El 3 de enero de 2026, Estados Unidos realizó una operación militar con el objetivo de capturar al dictador Nicolás Maduro y llevarlo ante la justicia norteamericana.
Desde ese momento, una serie de decisiones estratégicas han sido puestas en marcha por la administración de Donald Trump.

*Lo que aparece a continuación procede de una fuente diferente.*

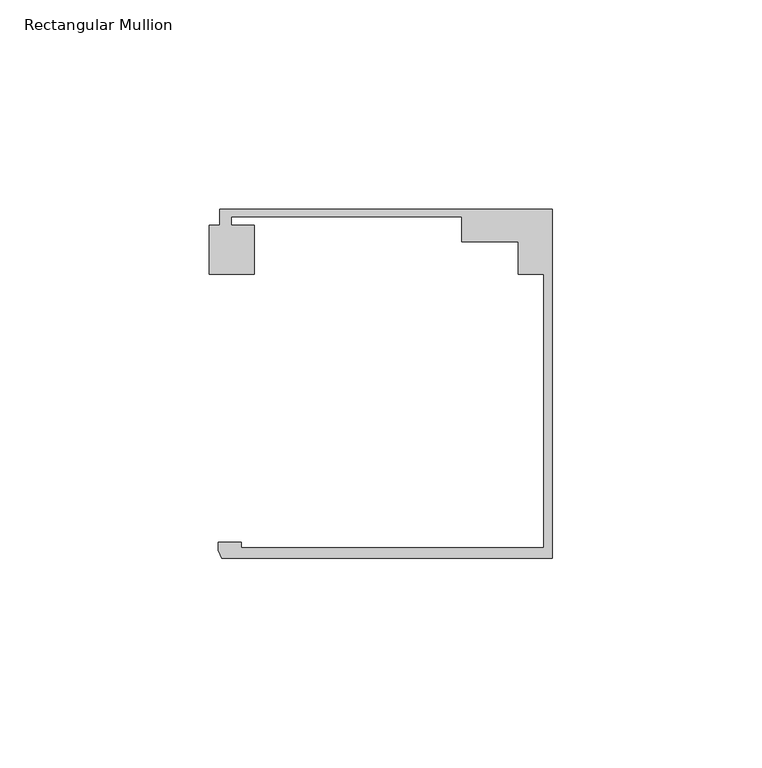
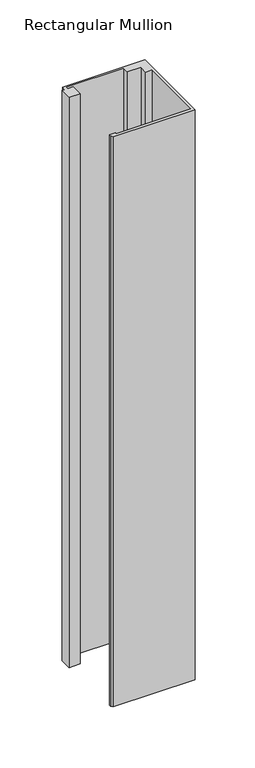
"""IFC4 building model written with IfcOpenShell, lengths in millimetres: member geometry, Rectangular Mullion : Danpal_Airpt_End-Mullion_B1."""

from ifc_helpers import new_model, si_unit, frame, origin, place, context, project, spatial, polyline, outline, extrude, source, transform, mapped, element, save


def rectangular_mullion_8d96c27a(model_context):
    return source(origin(), model_context, "Body", "SweptSolid", [
        extrude(outline(polyline([(-74.2474668, -74.9940824), (-2.0000001, -74.9940824), (-2.0000001, -9.7188964), (-8.1, -9.7188964), (-8.1, -1.8818054), (-21.5478166, -1.8818054), (-21.5478166, 4.0051512), (-76.6478166, 4.0051512), (-76.6478166, 2.0051513), (-71.1433532, 2.0051513), (-71.1433532, -9.6875514), (-81.8592324, -9.6875514), (-81.8592324, 2.0051513), (-79.3474874, 2.0051513), (-79.3474874, 5.8051514), (0.0, 5.8051514), (0.0, -77.4940825), (-78.8515009, -77.4940825), (-79.7784606, -75.5472671), (-79.7784606, -73.6940824), (-74.2474668, -73.6940824), (-74.2474668, -74.9940824)])), frame((0.0, 0.0, -580.058414), z_axis=(0.0, 0.0, 1.0), x_axis=(1.0, 0.0, 0.0)), (0.0, 0.0, 1.0), 580.058414),
    ])


if __name__ == "__main__":
    model = new_model("IFC4")
    model_context = context("Model", 3, world=origin())
    ifc_project = project(units=[si_unit("LENGTHUNIT", "METRE", prefix="MILLI")], contexts=[model_context])
    site = spatial("IfcSite", under=ifc_project)
    building = spatial("IfcBuilding", under=site)
    placement = place(None, origin())
    rectangular_mullion_shape = rectangular_mullion_8d96c27a(model_context)
    element("IfcMember", 1, ObjectType="Rectangular Mullion : Danpal_Airpt_End-Mullion_B1", at=placement, inside=building, context=model_context, shape_type="MappedRepresentation", body=[
        mapped(rectangular_mullion_shape, transform((0.0, 0.0, 0.0), x_axis=(1.0, 0.0, 0.0), y_axis=(0.0, 1.0, 0.0), z_axis=(0.0, 0.0, 1.0))),
    ])
    save(model, "model.ifc")
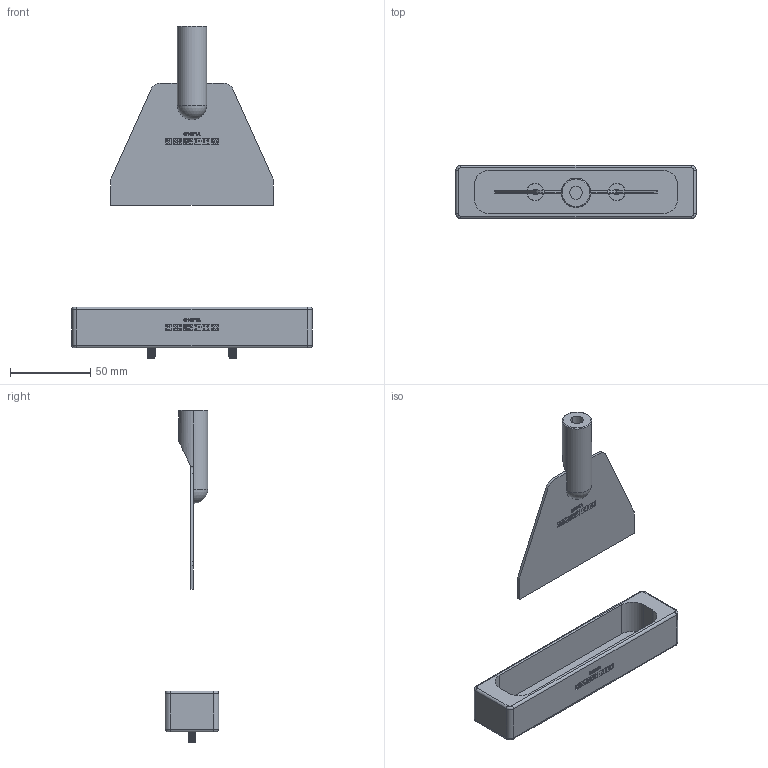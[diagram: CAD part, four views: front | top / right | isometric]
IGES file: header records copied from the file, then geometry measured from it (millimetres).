
Global section: file name: No Iges File Name specified; native system: Autodesk Inventor 2010; preprocessor: AutoDesk Inventor Iges Exporter R2010; author: mlampen; date: 20170419.151020; units: inch
Bounding box: 149.86 x 33.34 x 207.01 mm (x, y, z)
Volume: 72197.8 mm3; surface area: 42076.2 mm2
Topology: 4 solids, 8 shells, 2753 faces, 7651 edges, 5017 vertices
Faces by surface type: plane 2393, cylinder 126, cone 118, revolution 96, torus 16, bspline 3, sphere 1

Una de las principales es la reubicación de dos de sus buques, que fueron utilizados para ejercer presión y realizar labores militares en Venezuela.

Según información del medio The New York Times, los buques USS Iwo Jima y USS San Antonio fueron reubicados al norte de Cuba para el desarrollo de otras labores de vigilancia y control de la región.

Hay que recordar que el USS Iwo Jima fue la embarcación en la cual permaneció por unas horas el dictador Nicolás Maduro. El medio citado complementa que, con esta medida, más de 3.000 efectivos de Estados Unidos abandonaron la zona cercana a Venezuela y operan en otras áreas del mar.
Operaciones en el mar Caribe
Estados Unidos dijo el viernes que incautó otro petrolero que intentó romper un bloqueo naval estadounidense destinado a impedir que salga de Venezuela crudo sancionado, el quinto barco detenido en las últimas semanas.
El Olina es “otro buque tanque de la ‘flota fantasma’ sospechoso de transportar petróleo embargado” y fue incautado después de que “zarpara de Venezuela intentando eludir a las fuerzas estadounidenses”, dijo la jefa de Seguridad Nacional, Kristi Noem, en una publicación en X.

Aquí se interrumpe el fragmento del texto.